At 5 AM, I was jolted awake by the electronic bracelet on my wrist.
Not an alarm—a synchronization rate monitor. The Administration issued these to every adaptoid, like an electronic handcuff, except the function upgraded from "restricting freedom" to "real-time broadcasting how close you are to becoming inhuman." The numbers on the screen flickered: 11.3% → 11.4% → 11.5%.
"Fuck." I stared at the tiny green text, feeling like I was watching a Gaokao countdown board.
The bracelet vibrated because my synchronization rate had fluctuated more than 0.2% within an hour, triggering a lowest-level alert. According to Administration regulations, I needed to immediately report this to my supervisory specialist. I stared at the dormitory ceiling for three seconds, deciding to pretend I hadn't seen it.

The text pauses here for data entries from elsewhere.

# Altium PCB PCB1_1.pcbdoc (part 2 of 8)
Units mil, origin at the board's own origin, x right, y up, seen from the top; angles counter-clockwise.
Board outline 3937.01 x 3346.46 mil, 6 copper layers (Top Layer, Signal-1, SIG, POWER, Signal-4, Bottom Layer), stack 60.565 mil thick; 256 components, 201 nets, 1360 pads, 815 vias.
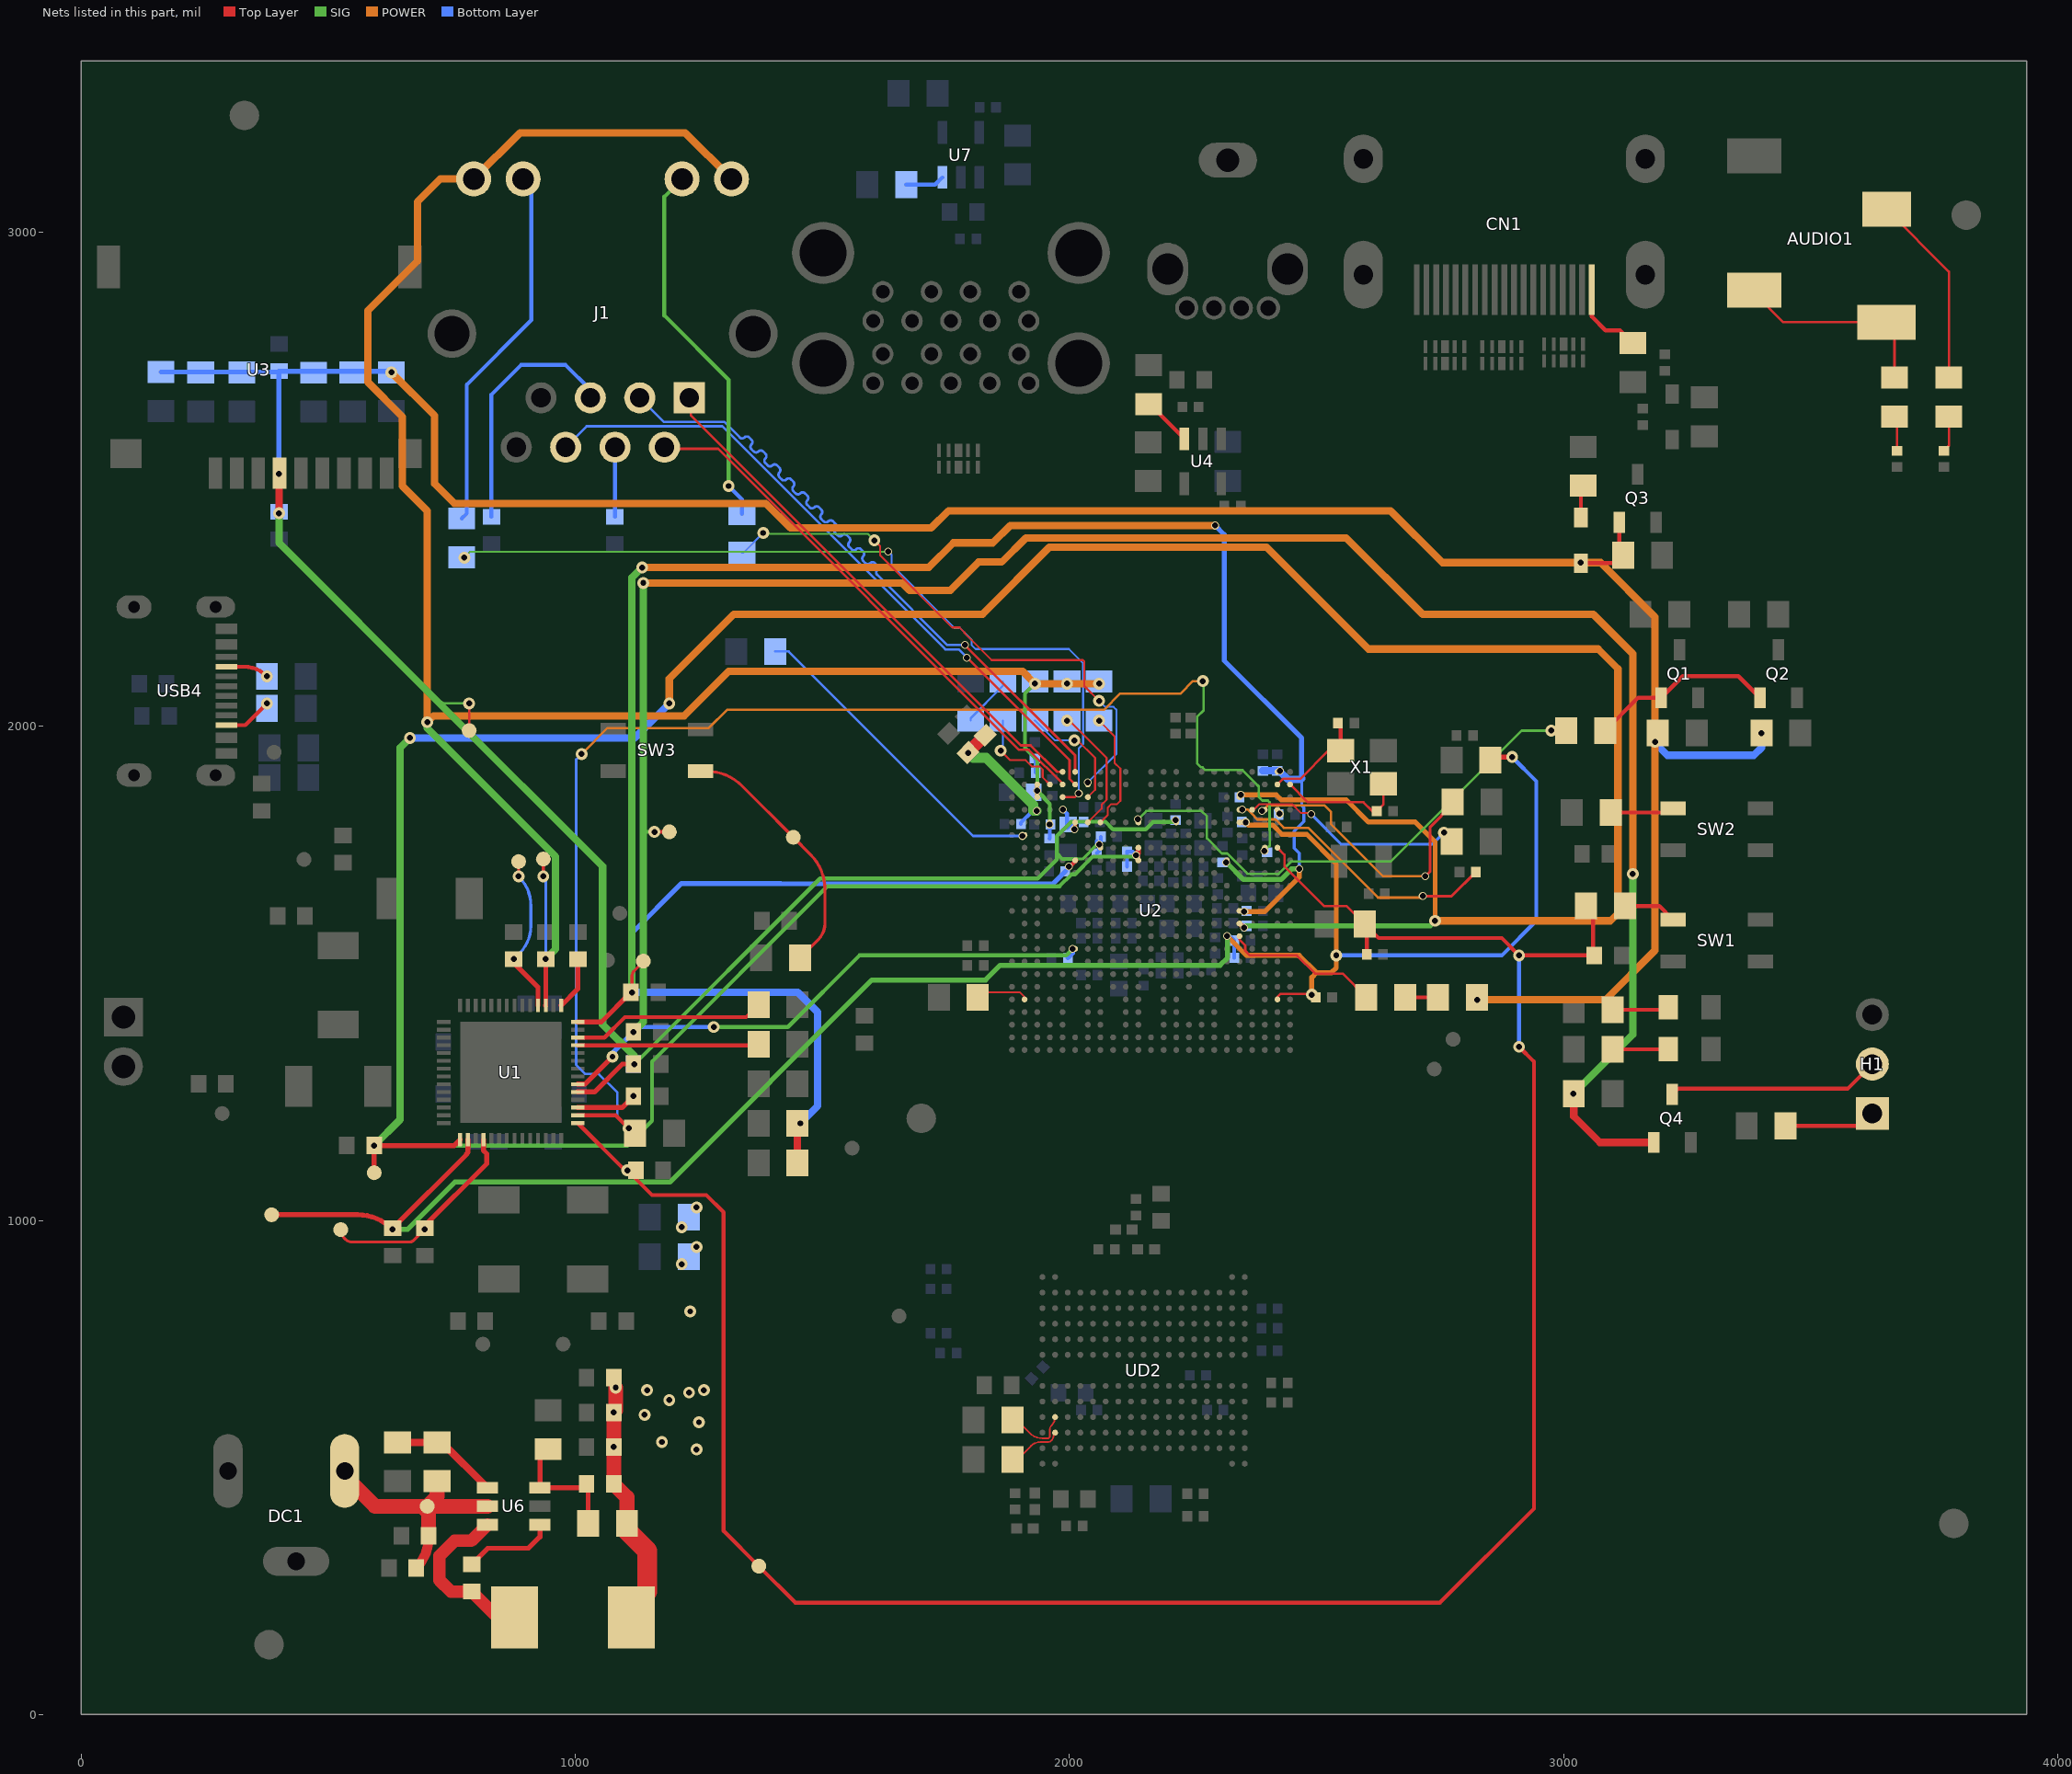
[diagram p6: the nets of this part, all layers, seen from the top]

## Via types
v1: diameter 16, hole 12, Top Layer to Bottom Layer, 426 vias
v2: diameter 24, hole 12, Top Layer to Bottom Layer, 385 vias
v3: diameter 34, hole 12, Top Layer to Bottom Layer, 2 vias
v4: diameter 30, hole 12, Top Layer to Bottom Layer, 2 vias

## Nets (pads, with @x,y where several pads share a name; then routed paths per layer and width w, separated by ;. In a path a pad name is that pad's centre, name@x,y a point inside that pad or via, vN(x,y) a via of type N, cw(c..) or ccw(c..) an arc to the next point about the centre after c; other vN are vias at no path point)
$1N47: R17.2 U2.W2 | length 108.9
  Top Layer w4: R17.2@1814.37,1451.46 1814.37,1453.22 1823.16,1462.01 1899.08,1462.01 1909.09,1451.99 U2.W2@1909.09,1447.36
$1N119: R18.1 UD2.B3 | length 110.3
  Top Layer w3.5: R18.1@1884.37,516.46 ccw(c1884.37,542.12) 1902.52,523.97 1922.27,543.73 cw(c1940.93,525.08) 1940.93,551.46 1951.78,551.46 ccw(c1951.78,551.62) 1951.9,551.5 1955.78,551.48 ccw(c1955.78,563.21) 1964.07,554.92 ccw(c1955.78,563.21) 1967.5,563.21 cw(c1976.91,563.21) 1970.26,569.86 UD2.B3@1970.87,570.47
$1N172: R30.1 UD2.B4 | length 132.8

The ceiling was made of light-absorbing material, same as the First Contact Room. The five-pointed star I'd drawn on the wall last night still glowed faintly silver in the darkness, like a malnourished star. That HB pencil was hidden under my pillow, the cracks on its barrel now deeper, feeling like some creature's blood vessels when I touched it.
Someone knocked on the dormitory door—three short raps, one long, like Morse code.
"Lin Jin, I know you're awake." Shen Xingyao's voice came from outside, "Synchronization rate fluctuation of 0.3%. The bracelet data already synced to me."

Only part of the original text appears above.